Solved – Criteria for selecting the “best” model in a Hidden Markov Model

aicbichidden markov modelr

I have a time series data set to which I am trying to fit a Hidden Markov Model (HMM) in order to estimate the number of latent states in the data. My pseudo code for doing this is the following:

for( i in 2 : max_number_of_states ){ 
    ...
    calculate HMM with i states
    ...
    optimal_number_of_states = "model with smallest BIC"
    ...
}

Now, in the usual regression models the BIC tends to favor the most parsimonious models but in the case of the HMM I am not sure that is what it is doing. Does anyone actually know what kind of HMM's the BIC criterion tends toward? I also am able to obtain the AIC and likelihood value as well.
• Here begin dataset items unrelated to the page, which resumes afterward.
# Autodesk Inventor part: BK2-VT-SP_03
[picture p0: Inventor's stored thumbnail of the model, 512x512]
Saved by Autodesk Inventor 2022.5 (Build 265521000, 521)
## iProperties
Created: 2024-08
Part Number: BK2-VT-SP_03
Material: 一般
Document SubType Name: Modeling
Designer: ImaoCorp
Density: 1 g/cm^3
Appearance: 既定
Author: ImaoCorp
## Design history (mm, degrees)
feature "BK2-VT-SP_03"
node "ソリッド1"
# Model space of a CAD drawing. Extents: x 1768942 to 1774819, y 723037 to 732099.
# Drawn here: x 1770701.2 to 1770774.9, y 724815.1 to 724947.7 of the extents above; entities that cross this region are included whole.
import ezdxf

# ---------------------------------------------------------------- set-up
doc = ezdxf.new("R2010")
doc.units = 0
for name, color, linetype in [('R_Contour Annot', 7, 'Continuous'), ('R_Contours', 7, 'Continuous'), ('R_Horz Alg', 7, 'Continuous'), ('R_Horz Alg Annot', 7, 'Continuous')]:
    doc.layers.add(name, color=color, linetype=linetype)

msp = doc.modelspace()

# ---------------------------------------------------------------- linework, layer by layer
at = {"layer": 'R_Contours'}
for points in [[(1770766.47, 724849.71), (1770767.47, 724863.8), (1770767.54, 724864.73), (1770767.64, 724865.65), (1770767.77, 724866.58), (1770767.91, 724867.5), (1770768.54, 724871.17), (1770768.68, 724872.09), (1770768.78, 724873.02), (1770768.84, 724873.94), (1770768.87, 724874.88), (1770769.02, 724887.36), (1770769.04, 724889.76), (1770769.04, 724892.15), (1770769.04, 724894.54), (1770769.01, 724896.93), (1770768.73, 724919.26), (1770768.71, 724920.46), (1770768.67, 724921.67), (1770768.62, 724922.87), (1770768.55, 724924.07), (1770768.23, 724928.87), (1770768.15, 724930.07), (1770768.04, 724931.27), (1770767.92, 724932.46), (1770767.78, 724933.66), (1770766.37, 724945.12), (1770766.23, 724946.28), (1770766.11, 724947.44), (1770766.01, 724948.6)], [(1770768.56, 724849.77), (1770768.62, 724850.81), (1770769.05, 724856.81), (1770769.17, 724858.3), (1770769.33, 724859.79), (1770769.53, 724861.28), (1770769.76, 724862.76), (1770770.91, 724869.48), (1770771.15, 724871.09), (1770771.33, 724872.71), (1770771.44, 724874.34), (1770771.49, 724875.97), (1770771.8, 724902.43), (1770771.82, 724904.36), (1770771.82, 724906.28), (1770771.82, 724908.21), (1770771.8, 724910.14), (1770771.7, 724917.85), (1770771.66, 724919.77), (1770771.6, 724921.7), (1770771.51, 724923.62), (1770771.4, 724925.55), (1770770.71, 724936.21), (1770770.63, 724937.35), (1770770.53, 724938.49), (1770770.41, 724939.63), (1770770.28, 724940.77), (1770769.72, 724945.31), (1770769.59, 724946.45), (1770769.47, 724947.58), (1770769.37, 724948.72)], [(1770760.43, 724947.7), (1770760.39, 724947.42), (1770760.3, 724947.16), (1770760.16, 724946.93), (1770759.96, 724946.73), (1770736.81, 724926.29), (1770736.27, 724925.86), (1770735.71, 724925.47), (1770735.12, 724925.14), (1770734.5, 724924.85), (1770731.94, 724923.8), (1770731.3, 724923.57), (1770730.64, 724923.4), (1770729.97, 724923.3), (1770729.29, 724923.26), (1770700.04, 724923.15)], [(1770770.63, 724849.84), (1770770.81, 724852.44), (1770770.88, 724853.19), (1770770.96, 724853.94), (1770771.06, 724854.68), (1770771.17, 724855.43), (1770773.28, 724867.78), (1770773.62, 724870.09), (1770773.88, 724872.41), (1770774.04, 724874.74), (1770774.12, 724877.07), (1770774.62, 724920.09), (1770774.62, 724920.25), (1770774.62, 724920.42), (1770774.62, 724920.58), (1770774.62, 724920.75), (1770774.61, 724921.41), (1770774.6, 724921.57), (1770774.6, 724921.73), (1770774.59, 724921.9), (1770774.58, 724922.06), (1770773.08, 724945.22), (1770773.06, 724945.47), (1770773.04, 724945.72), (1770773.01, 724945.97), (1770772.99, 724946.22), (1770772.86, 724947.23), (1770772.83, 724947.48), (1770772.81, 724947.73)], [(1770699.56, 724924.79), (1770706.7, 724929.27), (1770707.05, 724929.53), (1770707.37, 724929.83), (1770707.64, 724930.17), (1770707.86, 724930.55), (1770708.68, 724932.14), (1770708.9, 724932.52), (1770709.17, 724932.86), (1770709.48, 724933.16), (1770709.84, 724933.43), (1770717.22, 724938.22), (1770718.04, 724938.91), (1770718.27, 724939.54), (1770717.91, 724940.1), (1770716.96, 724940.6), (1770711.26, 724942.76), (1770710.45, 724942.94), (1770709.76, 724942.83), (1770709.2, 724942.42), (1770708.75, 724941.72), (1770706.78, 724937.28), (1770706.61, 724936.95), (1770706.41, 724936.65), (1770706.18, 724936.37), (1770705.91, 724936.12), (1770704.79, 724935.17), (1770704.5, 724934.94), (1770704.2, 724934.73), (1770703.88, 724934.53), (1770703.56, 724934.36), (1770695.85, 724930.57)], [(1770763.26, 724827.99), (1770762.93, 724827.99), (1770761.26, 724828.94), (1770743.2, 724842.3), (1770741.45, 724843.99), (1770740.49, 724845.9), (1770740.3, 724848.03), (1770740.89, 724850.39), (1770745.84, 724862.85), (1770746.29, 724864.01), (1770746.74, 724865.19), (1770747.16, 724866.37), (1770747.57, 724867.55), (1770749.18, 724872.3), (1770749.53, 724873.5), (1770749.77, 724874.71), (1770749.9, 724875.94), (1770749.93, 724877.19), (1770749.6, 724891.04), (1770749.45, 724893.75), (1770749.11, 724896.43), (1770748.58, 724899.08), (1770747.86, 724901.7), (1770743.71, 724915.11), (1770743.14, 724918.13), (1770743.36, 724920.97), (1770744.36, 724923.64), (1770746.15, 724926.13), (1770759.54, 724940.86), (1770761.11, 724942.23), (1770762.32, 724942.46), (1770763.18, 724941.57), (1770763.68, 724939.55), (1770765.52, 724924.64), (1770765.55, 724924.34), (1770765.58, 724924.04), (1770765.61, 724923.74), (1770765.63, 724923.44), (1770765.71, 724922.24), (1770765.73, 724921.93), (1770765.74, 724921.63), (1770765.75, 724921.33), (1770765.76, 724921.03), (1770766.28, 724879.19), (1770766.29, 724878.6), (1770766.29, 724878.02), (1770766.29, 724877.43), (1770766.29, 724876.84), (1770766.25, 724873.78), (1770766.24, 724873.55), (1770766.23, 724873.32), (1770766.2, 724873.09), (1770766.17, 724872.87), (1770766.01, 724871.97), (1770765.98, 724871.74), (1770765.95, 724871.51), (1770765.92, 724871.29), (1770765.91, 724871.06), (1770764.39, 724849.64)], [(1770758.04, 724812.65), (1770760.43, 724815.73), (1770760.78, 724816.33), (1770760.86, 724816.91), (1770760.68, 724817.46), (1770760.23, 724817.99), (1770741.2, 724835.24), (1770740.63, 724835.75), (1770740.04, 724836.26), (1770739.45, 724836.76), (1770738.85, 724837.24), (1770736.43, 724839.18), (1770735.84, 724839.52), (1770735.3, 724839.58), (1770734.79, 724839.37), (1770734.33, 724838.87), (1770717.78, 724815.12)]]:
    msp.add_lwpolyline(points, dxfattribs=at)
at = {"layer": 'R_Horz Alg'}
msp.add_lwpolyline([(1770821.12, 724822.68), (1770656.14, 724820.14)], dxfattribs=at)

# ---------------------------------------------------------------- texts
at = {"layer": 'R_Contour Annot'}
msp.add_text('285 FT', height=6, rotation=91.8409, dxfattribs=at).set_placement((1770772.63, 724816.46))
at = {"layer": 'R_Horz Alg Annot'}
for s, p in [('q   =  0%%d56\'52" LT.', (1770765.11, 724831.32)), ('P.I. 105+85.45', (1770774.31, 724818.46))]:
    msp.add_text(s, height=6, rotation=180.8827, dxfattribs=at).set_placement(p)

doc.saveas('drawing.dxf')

Since I am trying to infer the true total number of states, is one of these criteria "better" than the other for this purpose?

Best Answer

I'm assuming here that your output variable is categorical, though that may not be the case. Typically though, when I've seen HMM's used, the number of states is known in advance rather than selected through tuning. Usually they correspond to some well-understood variable that happens to not be observed. But that doesn't mean you can't experiment with it.

The danger in using BIC (and AIC) though is that the k value for the number of free parameters in the model increases quadratically with the number of states because you have the transition probability matrix with Px(P-1) parameters (for P states) and the output probabilities for each category of the output given each state. So if the AIC and BIC are being calculated properly, the k should be going up fast.

If you have enough data, I would recommend a softer method of tuning the number of states like testing on a holdout sample. You might also want to just look at the likelihood statistic and visually see at what point it plateaus. Also if your data is large, keep in mind that this will push the BIC to a smaller model.